■ **EXERCISE DIRECTIONS**: Word for word, repeat the lines of the records from the first line up to and including the line that contains "doc.layers.add(name, color=color, linetype=linetype)", passing over any pictures.

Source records
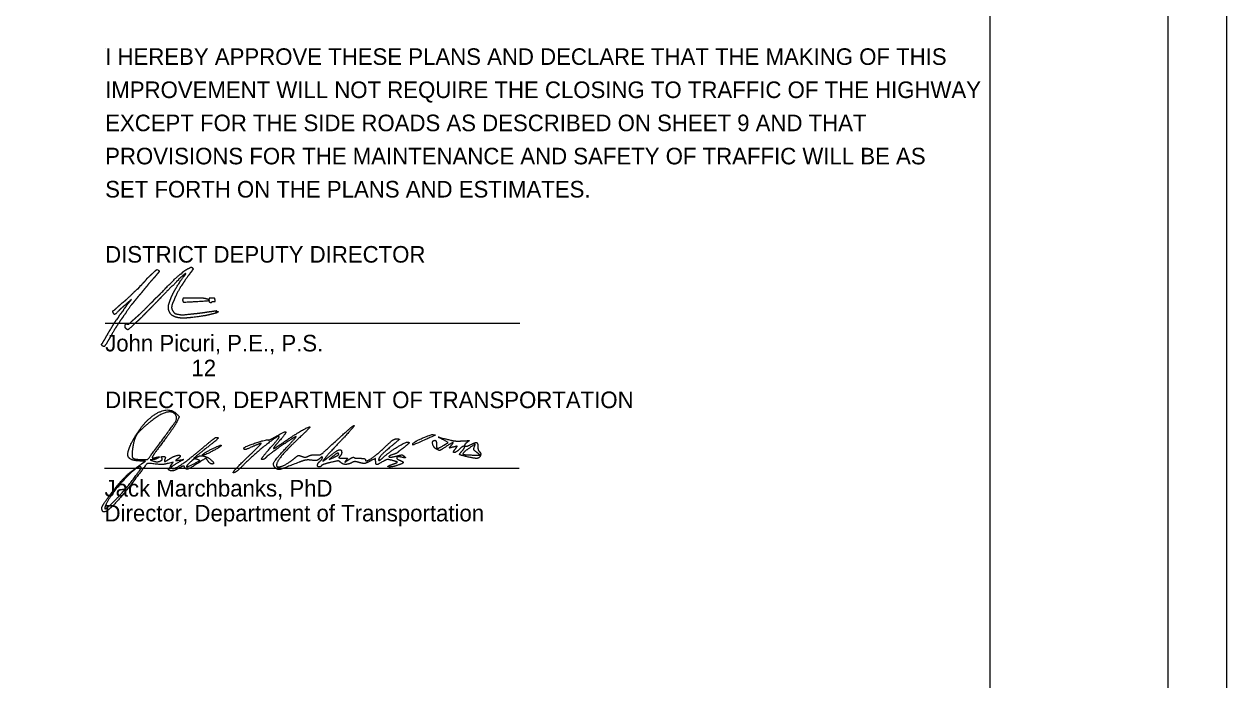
# Model space of a CAD drawing. Extents: x -5.4 to 71.3, y -12 to 22.
# Drawn here: x 23.84 to 34, y 5.54 to 11.08 of the extents above; entities that cross this region are included whole.
import ezdxf

# ---------------------------------------------------------------- set-up
doc = ezdxf.new("R2010")
doc.units = 0
for name, color, linetype in [('SH_Border', 7, 'Continuous'), ('SH_Cut_Line', 7, 'Continuous'), ('SH_Data', 7, 'Continuous'), ('SH_Text', 7, 'Continuous')]:
    doc.layers.add(name, color=color, linetype=linetype)

msp = doc.modelspace()

# ---------------------------------------------------------------- linework, layer by layer
at = {"layer": 'SH_Border'}
msp.add_line((32, 0.5), (32, 21.5), dxfattribs=at)
msp.add_lwpolyline([(1.5, 21.5), (33.5, 21.5), (33.5, 0.5), (1.5, 0.5)], close=True, dxfattribs=at)
at = {"layer": 'SH_Cut_Line'}
msp.add_lwpolyline([(0, 0), (34, 0), (34, 22), (0, 22)], close=True, dxfattribs=at)
at = {"layer": 'SH_Data'}
for p, q in [((24.528, 10.875), (24.528, 10.875)), ((24.528, 8.555), (28.028, 8.555)), ((24.523, 7.329), (28.023, 7.329))]:
    msp.add_line(p, q, dxfattribs=at)
at = {"layer": 'SH_Text'}
for p, q in [((25.184, 8.741), (25.184, 8.741)), ((25.407, 8.734), (25.407, 8.734)), ((24.703, 8.509), (24.703, 8.509)), ((24.512, 8.357), (24.512, 8.357)), ((24.986, 7.534), (24.986, 7.534)), ((27.125, 7.533), (27.125, 7.533)), ((25.351, 7.444), (25.351, 7.444)), ((25.723, 7.415), (25.723, 7.415)), ((26.5, 7.446), (26.5, 7.446)), ((27.577, 7.427), (27.577, 7.427)), ((25.306, 7.402), (25.306, 7.402))]:
    msp.add_line(p, q, dxfattribs=at)
for points in [[(24.953, 8.998), (24.964, 9.008), (24.973, 9.003)], [(24.747, 8.75), (24.75, 8.757), (24.744, 8.75)], [(25.277, 8.765), (25.186, 8.765), (25.184, 8.757)], [(25.429, 8.766), (25.407, 8.766), (25.404, 8.752)], [(25.442, 8.736), (25.457, 8.736), (25.456, 8.749)], [(27.389, 7.523), (27.425, 7.545), (27.384, 7.568)], [(26.448, 7.426), (26.419, 7.401), (26.459, 7.42)], [(27.637, 7.44), (27.694, 7.44), (27.665, 7.462)], [(24.838, 7.367), (24.869, 7.388), (24.831, 7.389)], [(25.081, 7.347), (25.102, 7.379), (25.06, 7.369)]]:
    msp.add_lwpolyline(points, dxfattribs=at)
for points in [[(24.88, 8.928), (24.88, 8.929), (24.894, 8.943), (24.911, 8.958)], [(24.911, 8.958), (24.928, 8.974), (24.947, 8.992), (24.953, 8.998)], [(24.956, 8.955), (24.949, 8.946), (24.941, 8.937), (24.938, 8.934)], [(24.976, 8.979), (24.972, 8.975), (24.963, 8.964), (24.956, 8.955)], [(24.973, 9.003), (24.985, 8.996), (24.985, 8.99), (24.976, 8.979)], [(24.999, 8.807), (25.069, 8.881), (25.161, 8.969), (25.17, 8.971)], [(25.119, 8.836), (25.131, 8.858), (25.186, 8.943), (25.193, 8.949)], [(25.21, 8.974), (25.21, 8.976), (25.185, 8.957), (25.162, 8.936)], [(25.17, 8.971), (25.174, 8.972), (25.178, 8.975), (25.178, 8.977)], [(25.178, 8.977), (25.178, 8.982), (25.204, 9.001), (25.23, 9.015)], [(25.193, 8.949), (25.197, 8.953), (25.21, 8.971), (25.21, 8.974)], [(25.238, 8.964), (25.23, 8.955), (25.227, 8.951), (25.2, 8.912)], [(25.23, 9.015), (25.253, 9.027), (25.258, 9.028), (25.268, 9.016)], [(25.242, 8.972), (25.242, 8.97), (25.24, 8.967), (25.238, 8.964)], [(25.252, 8.984), (25.246, 8.979), (25.242, 8.973), (25.242, 8.972)], [(25.261, 8.997), (25.261, 8.996), (25.257, 8.99), (25.252, 8.984)], [(25.267, 9.005), (25.264, 9.002), (25.261, 8.998), (25.261, 8.997)], [(25.268, 9.016), (25.271, 9.012), (25.271, 9.01), (25.267, 9.005)], [(24.771, 8.815), (24.787, 8.831), (24.804, 8.845), (24.807, 8.846)], [(24.807, 8.846), (24.811, 8.847), (24.813, 8.849), (24.812, 8.85)], [(24.812, 8.85), (24.811, 8.851), (24.814, 8.855), (24.818, 8.859)], [(24.818, 8.859), (24.822, 8.863), (24.825, 8.867), (24.824, 8.868)], [(24.824, 8.868), (24.823, 8.869), (24.825, 8.871), (24.829, 8.872)], [(24.829, 8.872), (24.833, 8.873), (24.836, 8.875), (24.836, 8.876)], [(24.836, 8.876), (24.836, 8.878), (24.846, 8.889), (24.858, 8.902)], [(24.863, 8.846), (24.857, 8.839), (24.846, 8.825), (24.837, 8.814)], [(24.858, 8.902), (24.87, 8.915), (24.88, 8.927), (24.88, 8.928)], [(24.885, 8.873), (24.879, 8.865), (24.869, 8.853), (24.863, 8.846)], [(24.938, 8.934), (24.927, 8.922), (24.896, 8.887), (24.885, 8.873)], [(25.094, 8.867), (25.092, 8.867), (25.062, 8.836), (24.992, 8.763)], [(25.13, 8.906), (25.13, 8.903), (25.097, 8.867), (25.094, 8.867)], [(25.172, 8.87), (25.165, 8.864), (25.125, 8.788), (25.112, 8.757)], [(25.133, 8.909), (25.132, 8.909), (25.13, 8.908), (25.13, 8.906)], [(25.146, 8.92), (25.146, 8.917), (25.138, 8.909), (25.133, 8.909)], [(25.162, 8.936), (25.153, 8.929), (25.146, 8.922), (25.146, 8.92)], [(25.2, 8.912), (25.186, 8.89), (25.173, 8.871), (25.172, 8.87)], [(24.678, 8.729), (24.696, 8.743), (24.73, 8.774), (24.771, 8.815)], [(24.744, 8.75), (24.732, 8.738), (24.709, 8.718), (24.685, 8.697)], [(24.734, 8.734), (24.739, 8.739), (24.745, 8.747), (24.747, 8.75)], [(24.788, 8.755), (24.787, 8.754), (24.779, 8.744), (24.771, 8.734)], [(24.802, 8.773), (24.795, 8.764), (24.788, 8.756), (24.788, 8.755)], [(24.818, 8.792), (24.816, 8.79), (24.809, 8.781), (24.802, 8.773)], [(24.837, 8.814), (24.829, 8.804), (24.82, 8.794), (24.818, 8.792)], [(24.992, 8.763), (24.967, 8.737), (24.931, 8.7), (24.912, 8.681)], [(24.926, 8.734), (24.933, 8.739), (24.938, 8.745), (24.938, 8.747)], [(24.938, 8.747), (24.938, 8.749), (24.947, 8.758), (24.958, 8.768)], [(24.958, 8.768), (24.969, 8.777), (24.987, 8.795), (24.999, 8.807)], [(25.066, 8.714), (25.067, 8.718), (25.071, 8.729), (25.074, 8.739)], [(25.074, 8.739), (25.079, 8.755), (25.097, 8.798), (25.104, 8.809)], [(25.104, 8.737), (25.091, 8.71), (25.088, 8.674), (25.097, 8.66)], [(25.104, 8.809), (25.106, 8.812), (25.112, 8.824), (25.119, 8.836)], [(25.112, 8.757), (25.11, 8.75), (25.106, 8.741), (25.104, 8.737)], [(25.184, 8.757), (25.182, 8.753), (25.182, 8.746), (25.184, 8.741)], [(25.184, 8.741), (25.188, 8.731), (25.191, 8.731), (25.284, 8.736)], [(25.371, 8.762), (25.369, 8.763), (25.327, 8.765), (25.277, 8.765)], [(25.284, 8.736), (25.385, 8.741), (25.422, 8.749), (25.388, 8.757)], [(25.388, 8.757), (25.381, 8.758), (25.373, 8.761), (25.371, 8.762)], [(25.404, 8.752), (25.402, 8.741), (25.402, 8.738), (25.407, 8.734)], [(25.428, 8.733), (25.428, 8.734), (25.434, 8.736), (25.442, 8.736)], [(25.452, 8.764), (25.451, 8.764), (25.441, 8.765), (25.429, 8.766)], [(25.456, 8.749), (25.455, 8.756), (25.453, 8.763), (25.452, 8.764)], [(24.597, 8.64), (24.591, 8.652), (24.591, 8.658), (24.598, 8.66)], [(24.643, 8.659), (24.612, 8.628), (24.605, 8.625), (24.597, 8.64)], [(24.598, 8.66), (24.601, 8.661), (24.614, 8.671), (24.625, 8.682)], [(24.625, 8.682), (24.646, 8.702), (24.652, 8.707), (24.678, 8.729)], [(24.685, 8.697), (24.672, 8.686), (24.653, 8.669), (24.643, 8.659)], [(24.645, 8.61), (24.649, 8.619), (24.656, 8.629), (24.661, 8.634)], [(24.661, 8.634), (24.665, 8.639), (24.669, 8.645), (24.67, 8.647)], [(24.67, 8.647), (24.671, 8.65), (24.674, 8.653), (24.676, 8.653)], [(24.676, 8.653), (24.677, 8.653), (24.679, 8.655), (24.679, 8.657)], [(24.679, 8.657), (24.679, 8.66), (24.68, 8.662), (24.682, 8.662)], [(24.682, 8.662), (24.684, 8.662), (24.685, 8.664), (24.685, 8.667)], [(24.685, 8.667), (24.685, 8.669), (24.687, 8.673), (24.689, 8.676)], [(24.704, 8.644), (24.704, 8.642), (24.701, 8.637), (24.686, 8.619)], [(24.689, 8.676), (24.701, 8.688), (24.711, 8.704), (24.709, 8.707)], [(24.751, 8.71), (24.745, 8.703), (24.704, 8.646), (24.704, 8.644)], [(24.709, 8.707), (24.708, 8.71), (24.708, 8.71), (24.71, 8.709)], [(24.71, 8.709), (24.712, 8.708), (24.716, 8.711), (24.719, 8.716)], [(24.719, 8.716), (24.722, 8.721), (24.729, 8.729), (24.734, 8.734)], [(24.771, 8.734), (24.762, 8.723), (24.754, 8.712), (24.751, 8.71)], [(24.812, 8.622), (24.825, 8.633), (24.871, 8.679), (24.897, 8.706)], [(24.912, 8.681), (24.894, 8.663), (24.866, 8.634), (24.849, 8.617)], [(24.897, 8.706), (24.907, 8.716), (24.92, 8.729), (24.926, 8.734)], [(25.068, 8.655), (25.062, 8.667), (25.061, 8.703), (25.066, 8.714)], [(25.13, 8.603), (25.104, 8.611), (25.077, 8.633), (25.068, 8.655)], [(25.097, 8.66), (25.11, 8.64), (25.123, 8.632), (25.156, 8.627)], [(25.244, 8.63), (25.3, 8.636), (25.35, 8.642), (25.381, 8.647)], [(25.381, 8.647), (25.394, 8.649), (25.424, 8.653), (25.434, 8.654)], [(25.407, 8.734), (25.414, 8.729), (25.428, 8.728), (25.428, 8.733)], [(25.459, 8.637), (25.455, 8.636), (25.441, 8.633), (25.428, 8.63)], [(25.434, 8.654), (25.438, 8.655), (25.442, 8.656), (25.442, 8.656)], [(25.442, 8.656), (25.442, 8.656), (25.449, 8.657), (25.458, 8.657)], [(25.458, 8.657), (25.47, 8.658), (25.472, 8.658), (25.466, 8.656)], [(25.466, 8.656), (25.459, 8.653), (25.459, 8.653), (25.47, 8.653)], [(25.47, 8.641), (25.468, 8.639), (25.462, 8.637), (25.459, 8.637)], [(25.47, 8.653), (25.477, 8.653), (25.482, 8.651), (25.482, 8.649)], [(25.479, 8.646), (25.477, 8.646), (25.473, 8.644), (25.47, 8.641)], [(25.482, 8.649), (25.482, 8.648), (25.481, 8.646), (25.479, 8.646)], [(24.576, 8.506), (24.593, 8.534), (24.601, 8.547), (24.608, 8.558)], [(24.608, 8.558), (24.613, 8.565), (24.618, 8.574), (24.621, 8.578)], [(24.644, 8.557), (24.63, 8.535), (24.617, 8.515), (24.615, 8.513)], [(24.621, 8.578), (24.623, 8.582), (24.626, 8.585), (24.628, 8.585)], [(24.628, 8.585), (24.63, 8.585), (24.631, 8.588), (24.631, 8.59)], [(24.631, 8.59), (24.631, 8.593), (24.632, 8.595), (24.634, 8.595)], [(24.634, 8.595), (24.635, 8.595), (24.64, 8.602), (24.645, 8.61)], [(24.673, 8.598), (24.671, 8.597), (24.659, 8.579), (24.644, 8.557)], [(24.679, 8.608), (24.677, 8.603), (24.674, 8.599), (24.673, 8.598)], [(24.686, 8.619), (24.684, 8.617), (24.681, 8.612), (24.679, 8.608)], [(24.698, 8.528), (24.698, 8.546), (24.7, 8.548), (24.714, 8.546)], [(24.777, 8.549), (24.729, 8.503), (24.715, 8.495), (24.703, 8.509)], [(24.714, 8.546), (24.724, 8.544), (24.727, 8.545), (24.744, 8.562)], [(24.744, 8.562), (24.755, 8.572), (24.772, 8.587), (24.783, 8.596)], [(24.81, 8.579), (24.805, 8.574), (24.79, 8.561), (24.777, 8.549)], [(24.783, 8.596), (24.793, 8.605), (24.806, 8.617), (24.812, 8.622)], [(24.849, 8.617), (24.833, 8.6), (24.815, 8.583), (24.81, 8.579)], [(25.256, 8.601), (25.216, 8.596), (25.15, 8.597), (25.13, 8.603)], [(25.156, 8.627), (25.177, 8.623), (25.188, 8.624), (25.244, 8.63)], [(25.428, 8.63), (25.39, 8.62), (25.351, 8.613), (25.256, 8.601)], [(24.511, 8.395), (24.519, 8.407), (24.53, 8.426), (24.536, 8.437)], [(24.536, 8.437), (24.541, 8.447), (24.547, 8.456), (24.548, 8.457)], [(24.548, 8.457), (24.55, 8.457), (24.551, 8.46), (24.551, 8.462)], [(24.551, 8.462), (24.551, 8.464), (24.556, 8.473), (24.561, 8.482)], [(24.561, 8.482), (24.567, 8.491), (24.574, 8.501), (24.576, 8.506)], [(24.571, 8.437), (24.567, 8.431), (24.564, 8.425), (24.564, 8.424)], [(24.587, 8.465), (24.582, 8.456), (24.575, 8.444), (24.571, 8.437)], [(24.615, 8.513), (24.613, 8.51), (24.608, 8.503), (24.587, 8.465)], [(24.703, 8.509), (24.699, 8.513), (24.697, 8.519), (24.698, 8.528)], [(24.502, 8.366), (24.497, 8.373), (24.498, 8.375), (24.511, 8.395)], [(24.512, 8.357), (24.509, 8.358), (24.504, 8.362), (24.502, 8.366)], [(24.519, 8.355), (24.518, 8.356), (24.515, 8.356), (24.512, 8.357)], [(24.544, 8.392), (24.544, 8.388), (24.521, 8.355), (24.519, 8.355)], [(24.554, 8.408), (24.549, 8.4), (24.544, 8.393), (24.544, 8.392)], [(24.564, 8.424), (24.564, 8.423), (24.559, 8.416), (24.554, 8.408)], [(24.774, 7.585), (24.861, 7.735), (25.069, 7.851), (25.134, 7.785)], [(25.125, 7.776), (25.099, 7.818), (24.973, 7.777), (24.878, 7.695)], [(24.986, 7.534), (25.107, 7.697), (25.139, 7.753), (25.125, 7.776)], [(25.135, 7.723), (25.124, 7.7), (25.072, 7.624), (25.02, 7.555)], [(25.134, 7.785), (25.153, 7.766), (25.153, 7.761), (25.135, 7.723)], [(24.878, 7.695), (24.811, 7.638), (24.772, 7.574), (24.761, 7.503)], [(25.969, 7.596), (26.048, 7.643), (26.06, 7.629), (26.001, 7.562)], [(26.028, 7.543), (26.109, 7.6), (26.24, 7.677), (26.256, 7.677)], [(26.256, 7.677), (26.26, 7.677), (26.219, 7.634), (26.164, 7.582)], [(26.482, 7.563), (26.557, 7.632), (26.623, 7.689), (26.629, 7.689)], [(26.629, 7.689), (26.635, 7.689), (26.583, 7.629), (26.513, 7.555)], [(24.831, 7.389), (24.733, 7.39), (24.709, 7.471), (24.774, 7.585)], [(24.839, 7.402), (24.886, 7.402), (24.891, 7.406), (24.986, 7.534)], [(25.02, 7.555), (24.968, 7.486), (24.925, 7.425), (24.925, 7.42)], [(25.351, 7.444), (25.371, 7.462), (25.503, 7.528), (25.508, 7.522)], [(25.508, 7.522), (25.515, 7.516), (25.372, 7.439), (25.354, 7.439)], [(25.364, 7.511), (25.415, 7.554), (25.46, 7.589), (25.465, 7.589)], [(25.465, 7.589), (25.49, 7.59), (25.467, 7.564), (25.381, 7.497)], [(25.997, 7.596), (25.987, 7.606), (25.778, 7.439), (25.7, 7.36)], [(25.7, 7.499), (25.7, 7.509), (25.888, 7.572), (25.903, 7.567)], [(25.723, 7.415), (25.794, 7.483), (25.849, 7.539), (25.846, 7.539)], [(25.846, 7.539), (25.842, 7.539), (25.813, 7.528), (25.781, 7.514)], [(26.137, 7.596), (26.088, 7.568), (25.9, 7.436), (25.887, 7.42)], [(25.903, 7.567), (25.909, 7.565), (25.938, 7.579), (25.969, 7.596)], [(25.919, 7.496), (25.966, 7.548), (26.001, 7.593), (25.997, 7.596)], [(25.965, 7.331), (25.94, 7.356), (25.969, 7.407), (26.072, 7.517)], [(26.001, 7.562), (25.973, 7.53), (25.95, 7.501), (25.95, 7.496)], [(25.95, 7.496), (25.95, 7.492), (25.985, 7.513), (26.028, 7.543)], [(26.164, 7.582), (26.064, 7.488), (25.975, 7.38), (25.975, 7.353)], [(26.072, 7.517), (26.118, 7.566), (26.148, 7.602), (26.137, 7.596)], [(26.307, 7.441), (26.341, 7.438), (26.364, 7.455), (26.482, 7.563)], [(26.513, 7.555), (26.384, 7.418), (26.352, 7.371), (26.434, 7.438)], [(26.962, 7.529), (26.888, 7.468), (26.837, 7.415), (26.837, 7.398)], [(26.872, 7.416), (26.925, 7.465), (27.072, 7.555), (27.089, 7.549)], [(26.89, 7.507), (26.936, 7.551), (26.973, 7.577), (26.99, 7.576)], [(26.99, 7.576), (27.015, 7.576), (27.011, 7.569), (26.962, 7.529)], [(27.089, 7.549), (27.098, 7.546), (27.082, 7.528), (27.055, 7.507)], [(27.125, 7.533), (27.125, 7.545), (27.278, 7.616), (27.297, 7.612)], [(27.196, 7.554), (27.134, 7.526), (27.125, 7.523), (27.125, 7.533)], [(27.297, 7.612), (27.317, 7.608), (27.318, 7.608), (27.196, 7.554)], [(27.326, 7.489), (27.299, 7.503), (27.288, 7.564), (27.312, 7.564)], [(27.312, 7.564), (27.319, 7.564), (27.325, 7.55), (27.325, 7.533)], [(27.325, 7.533), (27.325, 7.496), (27.339, 7.494), (27.389, 7.523)], [(27.384, 7.568), (27.341, 7.592), (27.341, 7.592), (27.444, 7.566)], [(27.448, 7.518), (27.473, 7.548), (27.457, 7.544), (27.401, 7.507)], [(27.468, 7.507), (27.435, 7.499), (27.433, 7.5), (27.448, 7.518)], [(27.444, 7.566), (27.464, 7.56), (27.509, 7.557), (27.544, 7.559)], [(27.544, 7.559), (27.598, 7.562), (27.603, 7.561), (27.583, 7.546)], [(27.583, 7.546), (27.555, 7.525), (27.578, 7.508), (27.611, 7.526)], [(27.645, 7.508), (27.655, 7.533), (27.647, 7.53), (27.584, 7.485)], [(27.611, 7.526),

■ **SOLUTION**:
# Model space of a CAD drawing. Extents: x -5.4 to 71.3, y -12 to 22.
# Drawn here: x 23.84 to 34, y 5.54 to 11.08 of the extents above; entities that cross this region are included whole.
import ezdxf

# ---------------------------------------------------------------- set-up
doc = ezdxf.new("R2010")
doc.units = 0
for name, color, linetype in [('SH_Border', 7, 'Continuous'), ('SH_Cut_Line', 7, 'Continuous'), ('SH_Data', 7, 'Continuous'), ('SH_Text', 7, 'Continuous')]:
    doc.layers.add(name, color=color, linetype=linetype)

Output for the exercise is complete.